Add a little white wine and cook that off.
Let cool in the fridge.




























Lay down your crepes.
Add thin layer of pate, or thin sliced dry cured ham like Parma or Prosciutto.
Atop that a thin layer of Duxelles.
Then lastly your tenderloin.
Roll like a burrito, wrap in plastic wrap and chill at least an hour to set.










Roll out your puff pastry with plenty of extra, paint with egg wash.
Place your 'Burrito' on the pastry and cover it, roll it, whatever, ideally you want the seams on the bottom.
Trim the edges close, avoid double layers of pastry dough as much as possible,
Seal the edges well, no holes, and egg wash the whole thing.
Add a lattice work covering if you wish, or just add some decorative slits on the top.



















Into a preheated 400° oven, cook until the IT of the beef is 115°-125°, however done you desire.
Pull it 5°-10° before your target temp as the IT will continue to rise.



















*The Gravy*
The gravy gets an honorable mention here, it was really good.
That CI pan you seared the beef in, deglaze it with a bit of white wine.
Add in 4c of chicken stock, stir and bring to a slow boil.
Transfer to a small sauce pan, strain through a tight sieve or cheesecloth.
Return to a rolling boil and reduce down to about 3/4c.
Add in 3T of butter, a pinch of pepper and enough corn starch/water mix to attain your desired thickness.

*The Finale*










*Strawberries-n-Cream Crepes*
So easy and so good.


----------



## Boat-Dude (Sep 24, 2011)

Amazing, dude you love to cook, it's time to open a restaurant.
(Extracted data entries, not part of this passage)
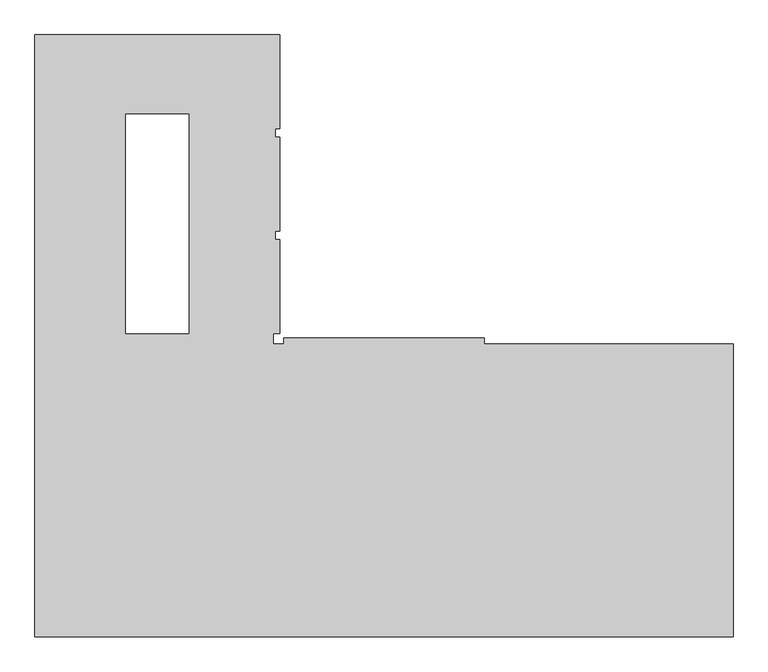
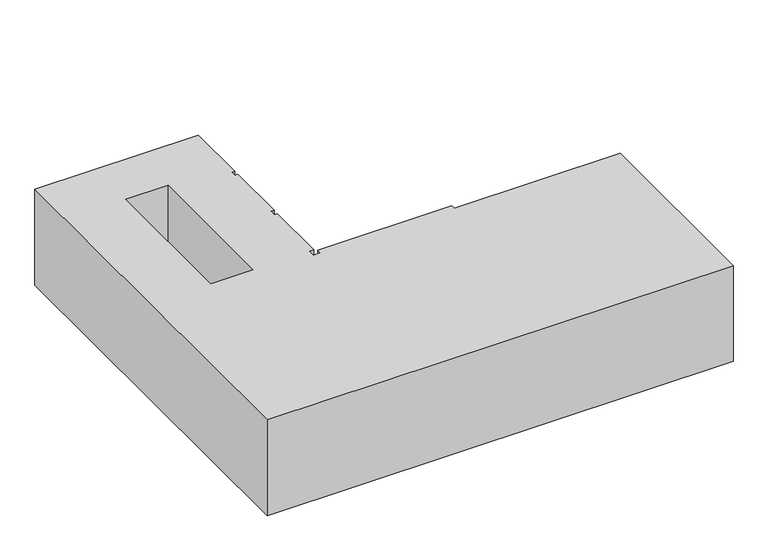
"""IFC4 building model written with IfcOpenShell, lengths in millimetres: proxy geometry, 0_3d."""

from ifc_helpers import new_model, si_unit, origin, origin_with_axes, place, context, project, spatial, polyline, outline, extrude, source, transform, mapped, element, save


def generic_models_af74dbcd(model_context):
    return source(origin(), model_context, "Body", "SweptSolid", [
        extrude(outline(polyline([(4520.0, 5552.8619019), (4720.0, 5552.8619019), (4720.0, 5674.8619019), (8520.0, 5674.8619019), (8520.0, 5552.8619019), (13240.0, 5552.8619019), (13240.0, 0.0), (0.0, 0.0), (0.0, 11422.8619019), (4642.0, 11422.8619019), (4642.0, 9639.4619019), (4560.0, 9639.4619019), (4560.0, 9479.4619019), (4642.0, 9479.4619019), (4642.0, 7696.1619019), (4560.0, 7696.1619019), (4560.0, 7536.1619019), (4642.0, 7536.1619019), (4642.0, 5752.8619019), (4520.0, 5752.8619019), (4520.0, 5552.8619019)]), holes=[polyline([(1718.7090817, 5752.8619019), (2919.4613155, 5752.8619019), (2919.4613155, 9922.8619019), (1718.7090817, 9922.8619019), (1718.7090817, 5752.8619019)])]), origin_with_axes(), (0.0, 0.0, 1.0), 2880.0),
    ])


if __name__ == "__main__":
    model = new_model("IFC4")
    model_context = context("Model", 3, world=origin())
    ifc_project = project(units=[si_unit("LENGTHUNIT", "METRE", prefix="MILLI")], contexts=[model_context])
    site = spatial("IfcSite", under=ifc_project)
    building = spatial("IfcBuilding", under=site)
    placement = place(None, origin())
    generic_models_shape = generic_models_af74dbcd(model_context)
    element("IfcBuildingElementProxy", 1, Name="0_3d", ObjectType="0_3d", at=placement, inside=building, context=model_context, shape_type="MappedRepresentation", body=[
        mapped(generic_models_shape, transform((0.0, 0.0, 0.0), x_axis=(1.0, 0.0, 0.0), y_axis=(0.0, 1.0, 0.0), z_axis=(0.0, 0.0, 1.0))),
    ])
    save(model, "model.ifc")

# Revit data of these elements
# Element 1 (IfcBuildingElementProxy, "0_3d")
#   Materials on its faces: "*1"
# Materials
#   "*1": class "Unassigned", colour RGB 175 175 175, transparency 0
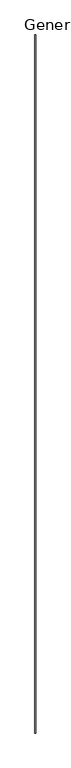
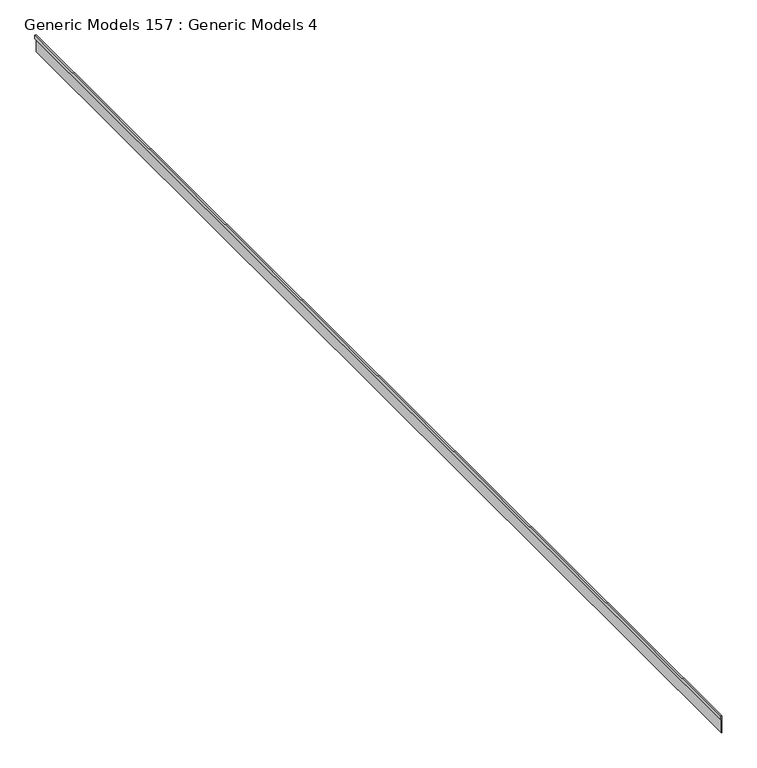
"""IFC4 building model written with IfcOpenShell, lengths in millimetres: proxy geometry, Generic Models 157 : Generic Models 4."""

from ifc_helpers import new_model, si_unit, origin, place, context, project, spatial, faceted_brep, source, transform, mapped, element, save


def generic_models_157_generic_models_4_33a7fcfd(model_context):
    return source(origin(), model_context, "Body", "Brep", [
        faceted_brep([(-10236.1097239, -5493.3230338, 122631.7984874), (-10236.1097239, -5493.3230338, 122793.7234874), (-10237.6972239, -5493.3230338, 122793.7234874), (-10237.6972239, -5493.3230338, 122820.8249647), (-10252.9339552, -5493.3230338, 122820.8249647), (-10252.9339552, -5493.3230338, 122793.7234874), (-10252.9339552, -5493.3230338, 122784.1984874), (-10239.2847239, -5493.3230338, 122784.1984874), (-10239.2847239, -5493.3230338, 122631.7984874), (-10252.9339552, 7054.2769662, 122820.8249648), (-10237.6972239, 7054.2769662, 122820.8249648), (-10237.6972239, 7054.2769662, 122793.7234874), (-10236.1097239, 7054.2769662, 122793.7234874), (-10236.1097239, 7054.2769662, 122631.7984874), (-10239.2847239, 7054.2769662, 122631.7984874), (-10239.2847239, 7054.2769662, 122784.1984874), (-10252.9339552, 7054.2769662, 122784.1984874), (-10252.9339552, 7054.2769662, 122793.7234874)], [[[0, 1, 2, 3, 4, 5, 6, 7, 8]], [[9, 10, 11, 12, 13, 14, 15, 16, 17]], [[4, 9, 17, 16, 6, 5]], [[13, 0, 8, 14]], [[0, 13, 12, 1]], [[9, 4, 3, 10]], [[2, 11, 10, 3]], [[11, 2, 1, 12]], [[7, 15, 14, 8]], [[15, 7, 6, 16]]]),
    ])


if __name__ == "__main__":
    model = new_model("IFC4")
    model_context = context("Model", 3, world=origin())
    ifc_project = project(units=[si_unit("LENGTHUNIT", "METRE", prefix="MILLI")], contexts=[model_context])
    site = spatial("IfcSite", under=ifc_project)
    building = spatial("IfcBuilding", under=site)
    placement = place(None, origin())
    generic_models_157_generic_models_4_shape = generic_models_157_generic_models_4_33a7fcfd(model_context)
    element("IfcBuildingElementProxy", 1, Name="Generic Models 157 : Generic Models 4", ObjectType="Generic Models 157 : Generic Models 4", at=placement, inside=building, context=model_context, shape_type="MappedRepresentation", body=[
        mapped(generic_models_157_generic_models_4_shape, transform((0.0, 0.0, 0.0), x_axis=(1.0, 0.0, 0.0), y_axis=(0.0, 1.0, 0.0), z_axis=(0.0, 0.0, 1.0))),
    ])
    save(model, "model.ifc")

# Revit data of these elements
# Element 1 (IfcBuildingElementProxy, "Generic Models 157 : Generic Models 4")
#   Materials on its faces: "_MORTAR SETTING BED"
# Materials
#   "_MORTAR SETTING BED": class "Generic", colour RGB 191 191 191, transparency 0, Cost = 0

I would eat there once a week.


----------



## ChileRelleno (Jul 7, 2012)

Boat-Dude said:


> Amazing, dude you love to cook, it's time to open a restaurant. I would eat there once a week.


Thank you very much.
No sir, no restaurant.


----------



## Wood Guy (Jul 6, 2019)

Dam, you got skills!!


----------



## Yellow River Cat (May 3, 2008)

Now I’m hungry, 


Sent from my iPhone using Tapatalk


----------



## specktackler57 (May 15, 2011)

My wife made one but it didn’t look like that. Amazing looking fish


----------



## smooth move (Sep 25, 2012)

we've got a pretty high dollar restaurant at a local marina that has the best i've ever eaten and it doesn't look as good as yours.


----------



## Boat-Dude (Sep 24, 2011)

Can you imaging having a Dad that cooked like that every night and loves fishing!!! I would never move out.


----------